= Directions for this task =
Filter on the word "spacings": copy each matching line from the listing below.

________________________________________

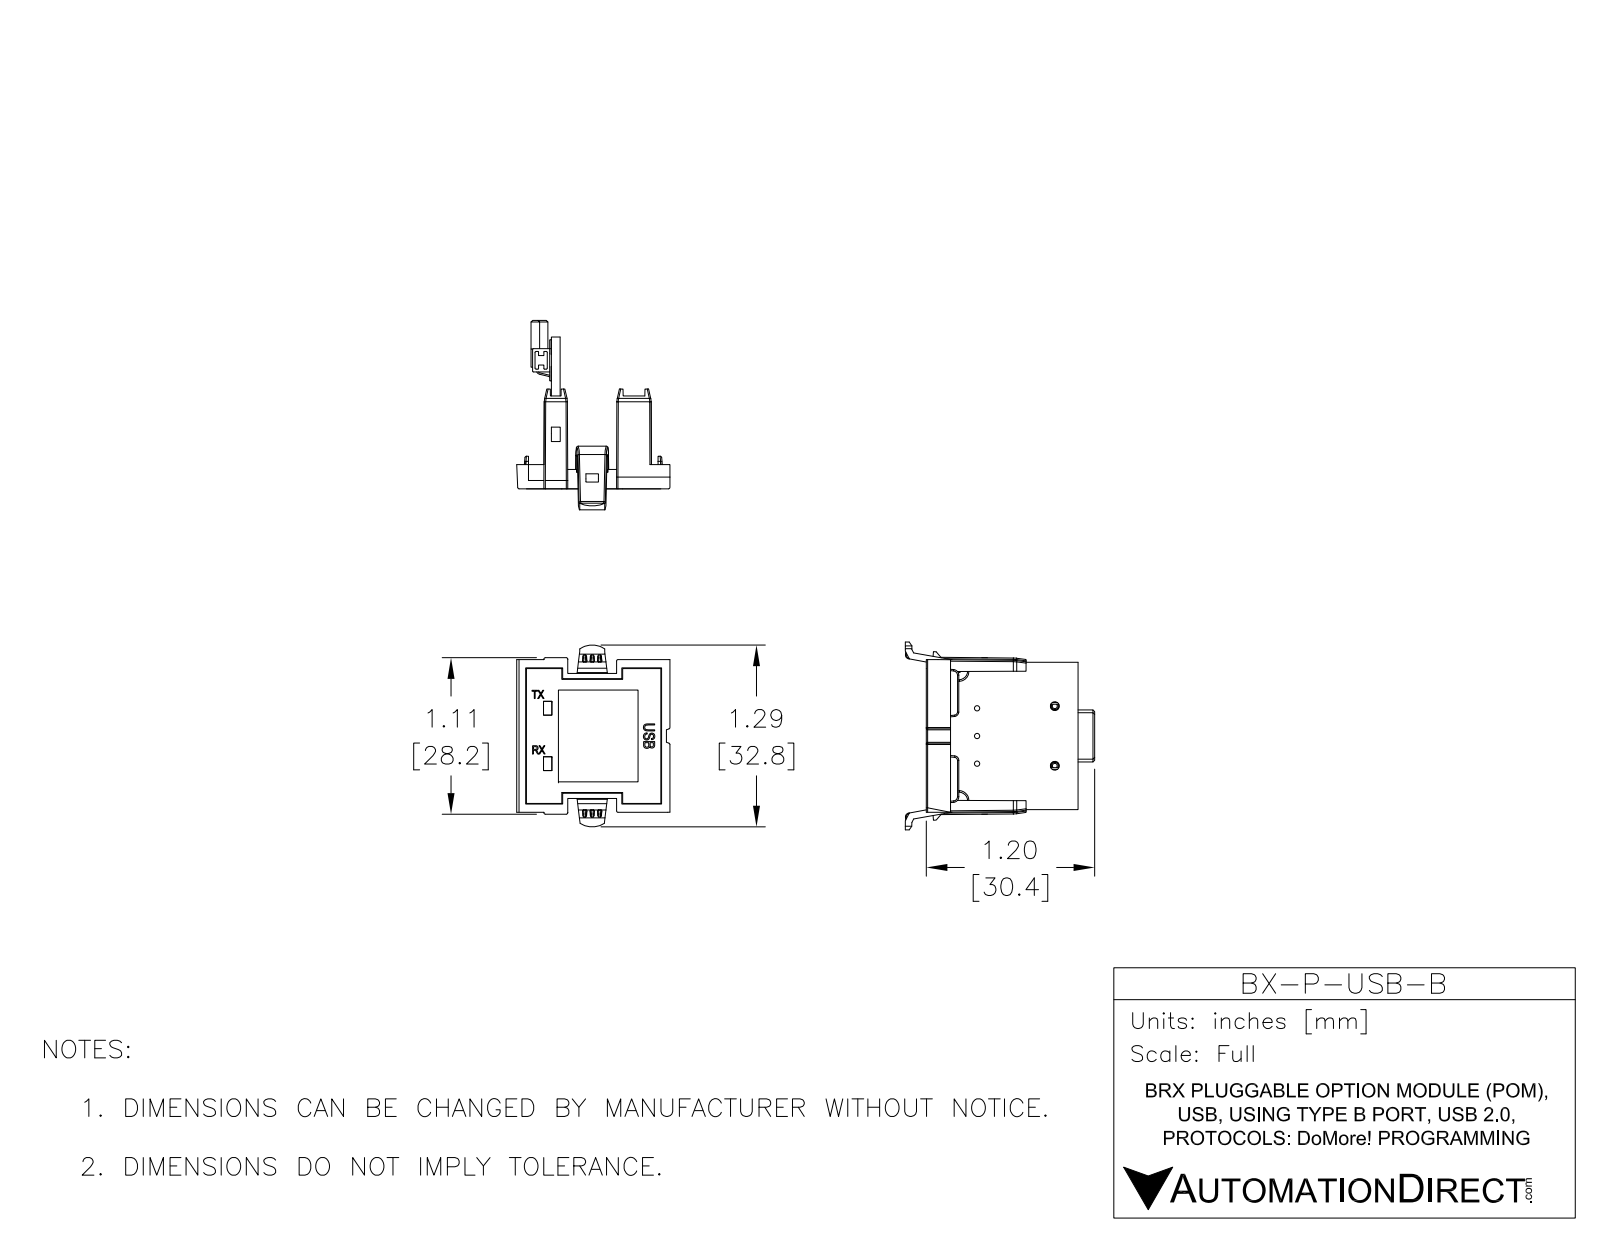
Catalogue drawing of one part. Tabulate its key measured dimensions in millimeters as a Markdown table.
| quantity | value |
| --- | --- |
| part name | BX-P-USB-B |
| STEP written by | SolidWorks 2016 (AUTOMOTIVE_DESIGN) |
| units | millimeters |
| bodies | 43 solids, 1741 faces (1436 planar, 236 cylindrical, 69 other) |
| overall size | 33.9 × 33.88 × 27.53 |
| volume | 4 839 mm³ |
| surface area | 8 344 mm² |
| round holes (diameter × count) | 0.95 × 3, 1.6 × 2 |
| partial cylindrical surfaces (radius × count) | 0.2 × 47, 0.1 × 40, 0.85 × 10, 0.14 × 8, 0.41 × 5, 1.25 × 5, 0.25 × 4, 2.75 × 4 |
| main face-to-face distances | 1.58, 1.57, 1.68, 1.67, 0.5, 1.4, 11.18, 2.97, 12.85, 12.75 |
| hole center spacings | 14.03, 4.99, 5, 9.99, 10.77, 15.02, 15.03, 17.44 |
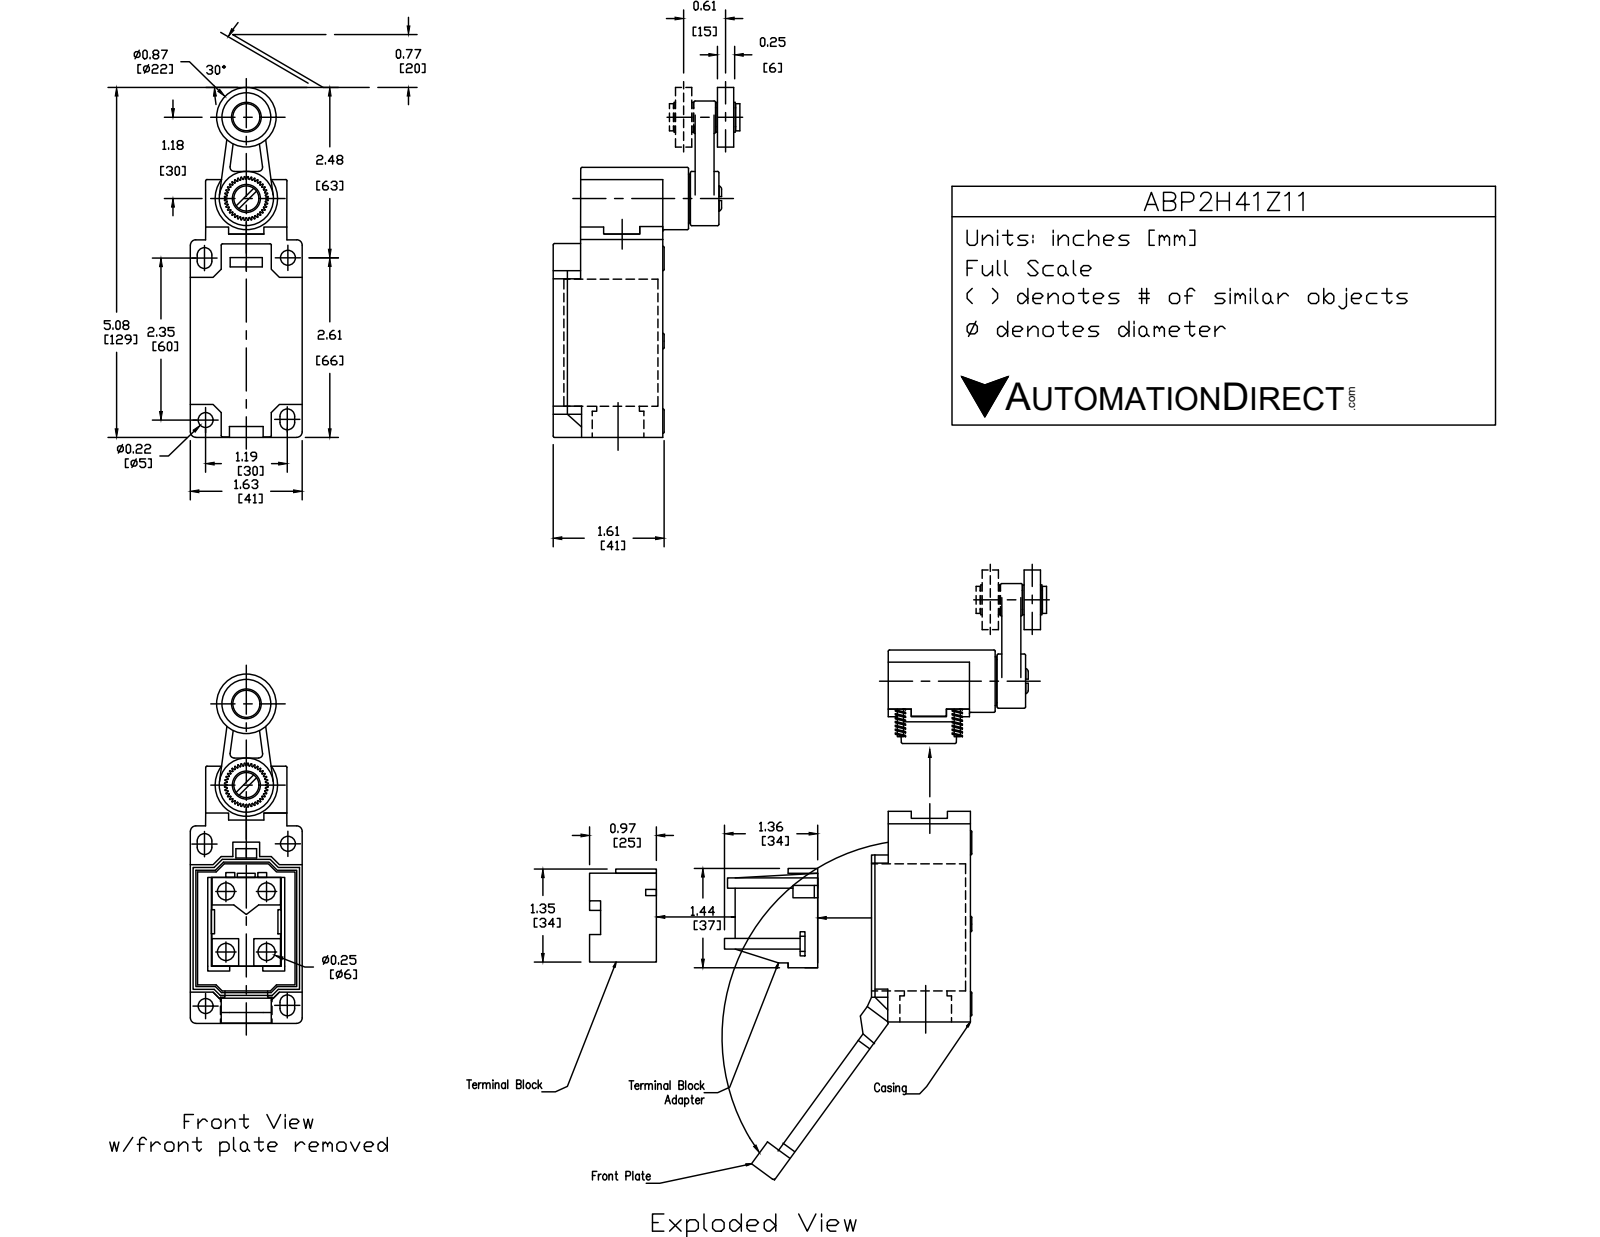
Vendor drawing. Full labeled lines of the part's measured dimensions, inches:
Part name (STEP PRODUCT): ABP2H41Z11
STEP written by: SolidWorks 2017 (AUTOMOTIVE_DESIGN)
Units: inches
Bodies: 5 solids, 193 faces (86 planar, 81 cylindrical, 26 other)
Overall size (bounding box): 5.091 × 2.313 × 1.614
Volume: 8.635 in³ · Surface area: 42.99 in²
Round holes (diameter × count): ⌀0.213 ×2, ⌀0.551 ×1, ⌀0.669 ×1, ⌀0.748 ×1
Round bosses / shafts (diameter × count): ⌀0.354 ×5, ⌀0.394 ×2, ⌀0.906 ×1, ⌀0.866 ×1, ⌀0.787 ×1, ⌀0.709 ×1, ⌀0.276 ×1
Partial cylindrical surfaces — rounded edges, fillets, slot ends (radius × count): R0.02 ×16, R0.079 ×4, R0.106 ×4, R0.236 ×1, R0.453 ×1, R0.472 ×1
Main face-to-face distances: 1.614, 1.565, 1.181, 0.217, 1.398, 2.972, 0.069, 0.384, 0.138, 0.354
Hole centre spacings: 1.042, 2.641, 3.274

________________________________________

= Task output =
| hole center spacings | 14.03, 4.99, 5, 9.99, 10.77, 15.02, 15.03, 17.44 |
Hole centre spacings: 1.042, 2.641, 3.274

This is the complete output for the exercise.